MATERIAL PROVIDED START

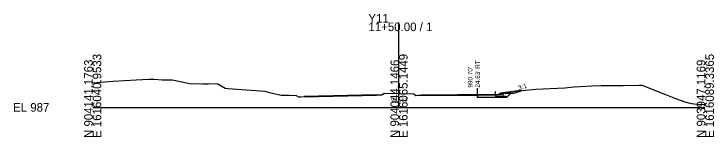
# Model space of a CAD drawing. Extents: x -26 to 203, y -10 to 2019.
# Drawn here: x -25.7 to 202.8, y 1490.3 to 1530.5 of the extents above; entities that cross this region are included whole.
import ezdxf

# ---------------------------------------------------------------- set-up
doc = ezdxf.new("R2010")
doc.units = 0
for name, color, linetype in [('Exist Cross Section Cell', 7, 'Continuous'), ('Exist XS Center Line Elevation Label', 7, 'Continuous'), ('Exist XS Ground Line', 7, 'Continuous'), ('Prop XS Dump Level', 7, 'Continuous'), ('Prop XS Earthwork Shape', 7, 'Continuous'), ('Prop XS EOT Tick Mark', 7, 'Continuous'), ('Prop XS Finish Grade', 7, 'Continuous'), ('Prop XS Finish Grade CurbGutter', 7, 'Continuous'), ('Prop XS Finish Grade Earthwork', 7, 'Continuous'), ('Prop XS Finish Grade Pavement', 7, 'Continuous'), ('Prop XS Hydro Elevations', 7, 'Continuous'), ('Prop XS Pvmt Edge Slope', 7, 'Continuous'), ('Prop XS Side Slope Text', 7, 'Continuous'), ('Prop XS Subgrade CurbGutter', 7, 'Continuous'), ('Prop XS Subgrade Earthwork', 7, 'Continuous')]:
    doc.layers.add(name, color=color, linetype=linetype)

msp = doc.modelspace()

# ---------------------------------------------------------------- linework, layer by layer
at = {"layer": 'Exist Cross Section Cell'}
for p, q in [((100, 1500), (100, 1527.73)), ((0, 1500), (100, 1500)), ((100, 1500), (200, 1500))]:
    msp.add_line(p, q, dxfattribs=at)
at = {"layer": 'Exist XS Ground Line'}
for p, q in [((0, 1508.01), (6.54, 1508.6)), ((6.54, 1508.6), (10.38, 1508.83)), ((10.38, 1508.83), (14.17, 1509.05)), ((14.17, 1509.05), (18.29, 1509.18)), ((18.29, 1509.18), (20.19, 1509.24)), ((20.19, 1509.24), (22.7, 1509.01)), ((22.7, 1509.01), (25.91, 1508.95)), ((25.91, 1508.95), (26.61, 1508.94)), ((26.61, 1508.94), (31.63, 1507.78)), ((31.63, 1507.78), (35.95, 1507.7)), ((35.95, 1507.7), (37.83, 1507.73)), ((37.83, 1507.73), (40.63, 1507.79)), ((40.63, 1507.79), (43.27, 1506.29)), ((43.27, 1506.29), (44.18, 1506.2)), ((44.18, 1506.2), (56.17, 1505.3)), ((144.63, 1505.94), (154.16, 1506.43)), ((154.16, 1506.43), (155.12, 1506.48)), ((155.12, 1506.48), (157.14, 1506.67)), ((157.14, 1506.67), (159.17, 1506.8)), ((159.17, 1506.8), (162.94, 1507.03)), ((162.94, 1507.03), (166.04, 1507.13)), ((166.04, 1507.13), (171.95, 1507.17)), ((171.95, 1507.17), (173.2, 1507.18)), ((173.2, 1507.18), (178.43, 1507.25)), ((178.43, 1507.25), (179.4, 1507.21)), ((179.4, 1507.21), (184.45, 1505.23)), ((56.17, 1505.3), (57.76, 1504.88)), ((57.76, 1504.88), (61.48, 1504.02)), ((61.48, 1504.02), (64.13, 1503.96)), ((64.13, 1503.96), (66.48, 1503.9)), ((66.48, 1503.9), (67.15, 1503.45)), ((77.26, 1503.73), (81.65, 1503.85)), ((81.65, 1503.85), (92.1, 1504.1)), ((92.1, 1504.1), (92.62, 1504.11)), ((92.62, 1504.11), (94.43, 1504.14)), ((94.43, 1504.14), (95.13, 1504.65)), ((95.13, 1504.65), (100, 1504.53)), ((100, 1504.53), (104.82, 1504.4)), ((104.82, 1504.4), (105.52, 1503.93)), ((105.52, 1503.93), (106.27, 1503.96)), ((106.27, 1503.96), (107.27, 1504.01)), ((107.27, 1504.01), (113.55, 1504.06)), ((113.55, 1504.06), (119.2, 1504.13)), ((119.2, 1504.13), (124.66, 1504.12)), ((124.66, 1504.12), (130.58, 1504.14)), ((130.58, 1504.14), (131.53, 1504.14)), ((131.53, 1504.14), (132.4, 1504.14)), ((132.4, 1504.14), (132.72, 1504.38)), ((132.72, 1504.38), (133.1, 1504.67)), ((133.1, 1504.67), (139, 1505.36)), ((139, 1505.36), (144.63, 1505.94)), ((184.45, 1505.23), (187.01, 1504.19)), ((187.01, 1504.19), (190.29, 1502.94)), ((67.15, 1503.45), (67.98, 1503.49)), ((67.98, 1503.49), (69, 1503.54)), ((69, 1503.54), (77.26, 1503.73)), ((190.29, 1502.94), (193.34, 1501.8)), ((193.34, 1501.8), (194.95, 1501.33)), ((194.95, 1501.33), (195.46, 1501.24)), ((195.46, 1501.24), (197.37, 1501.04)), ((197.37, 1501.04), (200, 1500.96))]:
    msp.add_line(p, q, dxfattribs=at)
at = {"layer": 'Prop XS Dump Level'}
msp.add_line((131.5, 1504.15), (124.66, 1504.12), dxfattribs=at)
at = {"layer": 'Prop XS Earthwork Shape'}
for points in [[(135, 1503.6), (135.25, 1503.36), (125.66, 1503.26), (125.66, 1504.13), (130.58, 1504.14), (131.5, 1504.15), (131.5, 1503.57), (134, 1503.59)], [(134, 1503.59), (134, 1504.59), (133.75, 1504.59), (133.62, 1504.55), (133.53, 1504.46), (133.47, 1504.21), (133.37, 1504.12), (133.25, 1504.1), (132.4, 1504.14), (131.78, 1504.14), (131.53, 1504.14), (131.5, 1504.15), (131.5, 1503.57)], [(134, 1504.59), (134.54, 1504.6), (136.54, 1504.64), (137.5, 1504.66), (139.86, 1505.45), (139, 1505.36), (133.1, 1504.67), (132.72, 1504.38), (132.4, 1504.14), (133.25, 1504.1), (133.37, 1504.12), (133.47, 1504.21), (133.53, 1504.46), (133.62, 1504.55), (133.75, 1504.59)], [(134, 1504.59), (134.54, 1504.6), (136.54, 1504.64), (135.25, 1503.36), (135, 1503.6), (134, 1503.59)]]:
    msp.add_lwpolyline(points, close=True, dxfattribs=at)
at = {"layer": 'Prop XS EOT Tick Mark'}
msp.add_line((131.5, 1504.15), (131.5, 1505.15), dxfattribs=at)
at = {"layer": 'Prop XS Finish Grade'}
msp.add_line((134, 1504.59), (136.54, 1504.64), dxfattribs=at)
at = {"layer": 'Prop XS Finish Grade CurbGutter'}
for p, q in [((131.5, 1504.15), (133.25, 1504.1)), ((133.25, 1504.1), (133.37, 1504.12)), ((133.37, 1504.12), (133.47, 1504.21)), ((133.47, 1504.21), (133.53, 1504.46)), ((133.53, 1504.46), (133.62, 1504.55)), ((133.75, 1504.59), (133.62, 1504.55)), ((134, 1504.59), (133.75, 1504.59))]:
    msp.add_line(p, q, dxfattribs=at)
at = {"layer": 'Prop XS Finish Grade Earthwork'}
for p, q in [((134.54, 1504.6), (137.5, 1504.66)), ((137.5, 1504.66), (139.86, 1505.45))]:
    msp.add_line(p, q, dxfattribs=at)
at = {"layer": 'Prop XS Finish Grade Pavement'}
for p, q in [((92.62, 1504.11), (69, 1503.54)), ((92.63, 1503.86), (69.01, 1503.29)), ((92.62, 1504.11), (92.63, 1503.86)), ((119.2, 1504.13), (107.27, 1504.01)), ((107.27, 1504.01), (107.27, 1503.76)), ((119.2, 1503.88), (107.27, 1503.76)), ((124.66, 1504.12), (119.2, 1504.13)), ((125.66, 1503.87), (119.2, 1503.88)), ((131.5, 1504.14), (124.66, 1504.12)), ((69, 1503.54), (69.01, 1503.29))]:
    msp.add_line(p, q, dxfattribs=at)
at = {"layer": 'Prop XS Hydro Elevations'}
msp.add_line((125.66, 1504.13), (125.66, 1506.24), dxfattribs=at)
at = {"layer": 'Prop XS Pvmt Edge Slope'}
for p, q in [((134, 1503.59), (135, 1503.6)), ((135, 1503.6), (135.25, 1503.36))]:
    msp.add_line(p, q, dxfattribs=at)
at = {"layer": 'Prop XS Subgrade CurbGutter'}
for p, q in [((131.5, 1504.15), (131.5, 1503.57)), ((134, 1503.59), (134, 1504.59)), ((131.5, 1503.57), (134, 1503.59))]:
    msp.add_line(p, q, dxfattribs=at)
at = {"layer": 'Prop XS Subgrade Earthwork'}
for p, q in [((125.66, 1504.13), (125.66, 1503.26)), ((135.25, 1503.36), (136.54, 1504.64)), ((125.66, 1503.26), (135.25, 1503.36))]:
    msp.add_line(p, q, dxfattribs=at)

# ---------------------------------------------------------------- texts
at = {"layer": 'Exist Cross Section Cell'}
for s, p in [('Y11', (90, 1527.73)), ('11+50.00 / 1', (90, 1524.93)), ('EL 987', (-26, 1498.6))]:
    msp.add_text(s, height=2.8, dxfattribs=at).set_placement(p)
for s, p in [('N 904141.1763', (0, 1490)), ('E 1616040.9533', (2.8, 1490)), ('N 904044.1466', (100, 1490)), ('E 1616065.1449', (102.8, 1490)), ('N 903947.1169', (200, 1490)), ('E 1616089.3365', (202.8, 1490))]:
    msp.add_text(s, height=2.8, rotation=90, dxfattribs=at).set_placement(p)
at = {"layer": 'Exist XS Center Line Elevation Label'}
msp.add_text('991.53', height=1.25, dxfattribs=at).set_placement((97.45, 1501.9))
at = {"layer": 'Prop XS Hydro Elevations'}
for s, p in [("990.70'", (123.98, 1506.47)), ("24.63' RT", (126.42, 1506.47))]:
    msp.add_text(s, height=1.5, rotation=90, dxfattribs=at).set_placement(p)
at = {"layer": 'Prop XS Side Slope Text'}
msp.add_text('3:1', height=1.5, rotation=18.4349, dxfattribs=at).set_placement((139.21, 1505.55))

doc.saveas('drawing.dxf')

MATERIAL PROVIDED END

[WHAT IS BEING ASKED]
Using the material above, copy every line in which the string "Slope" occurs.

[ANSWER SPACE]
for name, color, linetype in [('Exist Cross Section Cell', 7, 'Continuous'), ('Exist XS Center Line Elevation Label', 7, 'Continuous'), ('Exist XS Ground Line', 7, 'Continuous'), ('Prop XS Dump Level', 7, 'Continuous'), ('Prop XS Earthwork Shape', 7, 'Continuous'), ('Prop XS EOT Tick Mark', 7, 'Continuous'), ('Prop XS Finish Grade', 7, 'Continuous'), ('Prop XS Finish Grade CurbGutter', 7, 'Continuous'), ('Prop XS Finish Grade Earthwork', 7, 'Continuous'), ('Prop XS Finish Grade Pavement', 7, 'Continuous'), ('Prop XS Hydro Elevations', 7, 'Continuous'), ('Prop XS Pvmt Edge Slope', 7, 'Continuous'), ('Prop XS Side Slope Text', 7, 'Continuous'), ('Prop XS Subgrade CurbGutter', 7, 'Continuous'), ('Prop XS Subgrade Earthwork', 7, 'Continuous')]:
at = {"layer": 'Prop XS Pvmt Edge Slope'}
at = {"layer": 'Prop XS Side Slope Text'}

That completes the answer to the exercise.